On Monday, Romney urged the government to pay $1,000 to each and every American adult. Besides this helicopter money, the senator wants to help the virus-stricken economy with more paid leave, unemployment insurance and nutritional programmes. The stern budget hawk of yesteryear, for whom the US was a wheezing slacker, ripe for a private-equity turnround, could hardly be more munificent.
It is my profession's crass duty to spot the winners and losers of coronavirus. In the first category, I suggest another septuagenarian senator of New England pedigree. Bernie Sanders will not – and therefore, at 78, will never – be the Democratic nominee for US president.
After clinching primaries in Florida and elsewhere on Tuesday, Joe Biden is now less his competitor in that race than a receding speck on the horizon. There is comfort for Sanders, however, in the intellectual co-option of such improbable people as Romney.
In a way that was not true even two weeks ago, US politics now takes place on unambiguously social-democratic terms. A leftward trend that was already in glacial progress (look at public opinion on healthcare, on wealth taxes) has accelerated in an atmosphere of emergency. The crisis has been the making of the Sanders worldview.
Britain is going to fiscal extremes under a Conservative government. France under a supply-sider of a president is doing the same. What makes the US distinct is that its debate does not stop at the near-term propping up of households and business. It touches on larger questions of distribution. Hence Romney's ideas, which go beyond the usual payroll tax cuts and business loan guarantees of a chamber-of-commerce Republican.
Once-weird views
In a time of contagion, the case for universal healthcare, at times a fog of detail, has also found painful simplicity: unless everyone has care, no one does. Sanders has lived long enough to see the normalisation of his once-weird views.

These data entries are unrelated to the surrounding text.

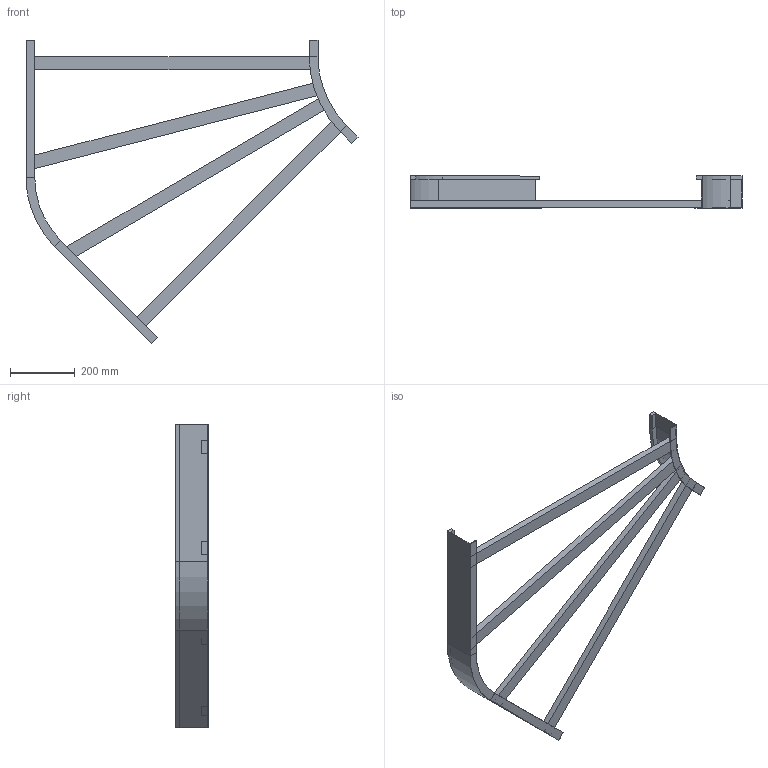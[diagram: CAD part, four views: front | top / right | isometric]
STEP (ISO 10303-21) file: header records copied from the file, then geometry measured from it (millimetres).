
FILE_DESCRIPTION (( 'STEP AP214' ), '1' );
FILE_NAME ('B2_11B3D900.step', '2025-02-21T15:13:17', ( '' ), ( '' ), 'SwSTEP 2.0', 'SolidWorks 2023', '' );
FILE_SCHEMA (( 'AUTOMOTIVE_DESIGN' ));
Length unit declared in the file: millimetre
Products named in the file (5): B2_LONGH.ESTERNO 45°_H100_R300+900; TRAVERSINO_900; TRAVERSINO_1000_SCANTONATO; B2_LONGH.INTERNO 45°_H100_R300; B2_11B3D900
Assembly tree (6 placements, depth 2):
  B2_11B3D900
    B2_LONGH.INTERNO 45°_H100_R300
    B2_LONGH.ESTERNO 45°_H100_R300+900
    TRAVERSINO_900  x2
    TRAVERSINO_1000_SCANTONATO  x2
Bounding box: 1023.22 x 100 x 933.88 mm (x, y, z)
Volume: 3600782 mm3; surface area: 857862 mm2
Topology: 6 solids, 6 shells, 76 faces, 160 edges, 96 vertices
Faces by surface type: plane 68, cylinder 8
Entity records: 1830 total; most frequent: DIRECTION 298, CARTESIAN_POINT 289, ORIENTED_EDGE 272, EDGE_CURVE 136, VECTOR 120, LINE 120, AXIS2_PLACEMENT_3D 89, VERTEX_POINT 80
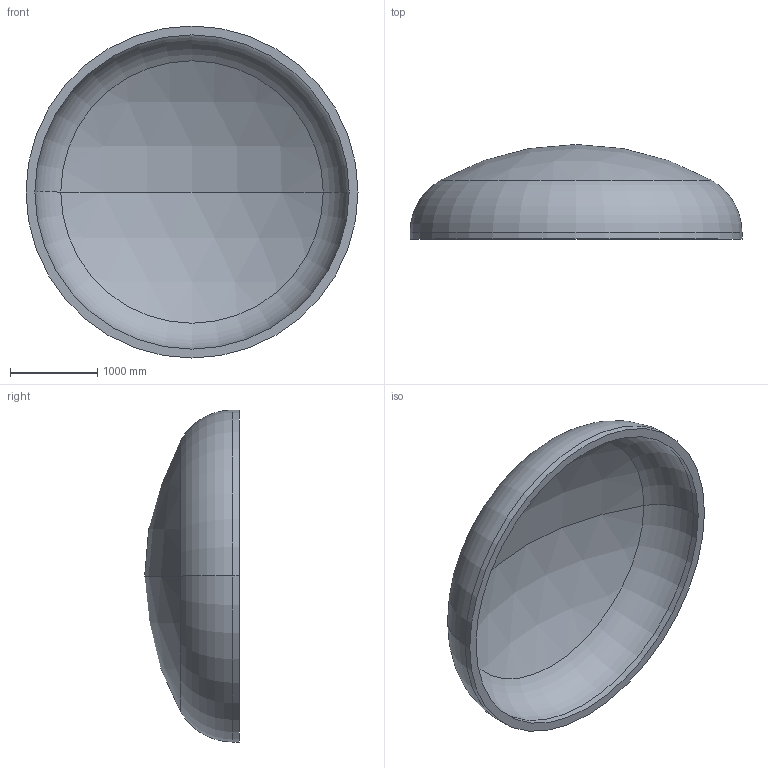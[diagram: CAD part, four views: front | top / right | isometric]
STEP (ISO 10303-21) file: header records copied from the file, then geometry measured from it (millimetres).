
FILE_DESCRIPTION (( 'STEP AP203' ), '1' );
FILE_NAME ('DIN 28013 Korbbogenform_-_Boden DIN 28013 - 3800 x 75 - I - s=102.step', '2016-07-01T21:48:53', ( '' ), ( '' ), 'SwSTEP 2.0', 'SolidWorks 2013', '' );
FILE_SCHEMA (( 'CONFIG_CONTROL_DESIGN' ));
Length unit declared in the file: millimetre
Products named in the file (1): DIN 28013 Korbbogenform_-_Boden DIN 28013 - 3800 x 75 - I - s=102
Bounding box: 3800 x 1082.6 x 3800 mm (x, y, z)
Volume: 1635570368.9 mm3; surface area: 33276782.4 mm2
Topology: 1 solids, 1 shells, 13 faces, 24 edges, 14 vertices
Faces by surface type: torus 4, cylinder 4, sphere 4, plane 1
Entity records: 407 total; most frequent: DIRECTION 72, CARTESIAN_POINT 52, ORIENTED_EDGE 48, AXIS2_PLACEMENT_3D 34, EDGE_CURVE 24, CIRCLE 20, VERTEX_POINT 14, EDGE_LOOP 14

We are in the early stages of one of history's periodic discontinuities in economic thought. The sharpest, perhaps, since the Opec oil crises that elevated the free-marketeers in the 1970s. Readers will suggest the crash in 2008, after which a biography of John Maynard Keynes announced the "return of the master". Well, it was fleeting.
Before long, there were fiscal retrenchments around the western world. In the US, there was the Tea Party movement, the neutering of president Barack Obama by a Republican Congress, and his successor's raid on the administrative state. The laissez-faire right was not much less ascendant in 2017, say, than in 2007.
This time feels different. For one thing, the stakes are higher. A virus promises a rather worse fate than mere immiseration. Nor can any section of society blame another. There will be no cable television blowhard pinning this on the poor, with their uppity dreams of home-ownership, and no Occupy movement. It is easier, then, to reach agreement, if not consensus, on larger and more active government. Even the left cannot squander this historic opening.
To my knowledge, there is no classical term for the inverse of a Pyrrhic victory: a defeat from which one ends up profiting. The absence is irritating because politics so often throws up events begging to be described as such.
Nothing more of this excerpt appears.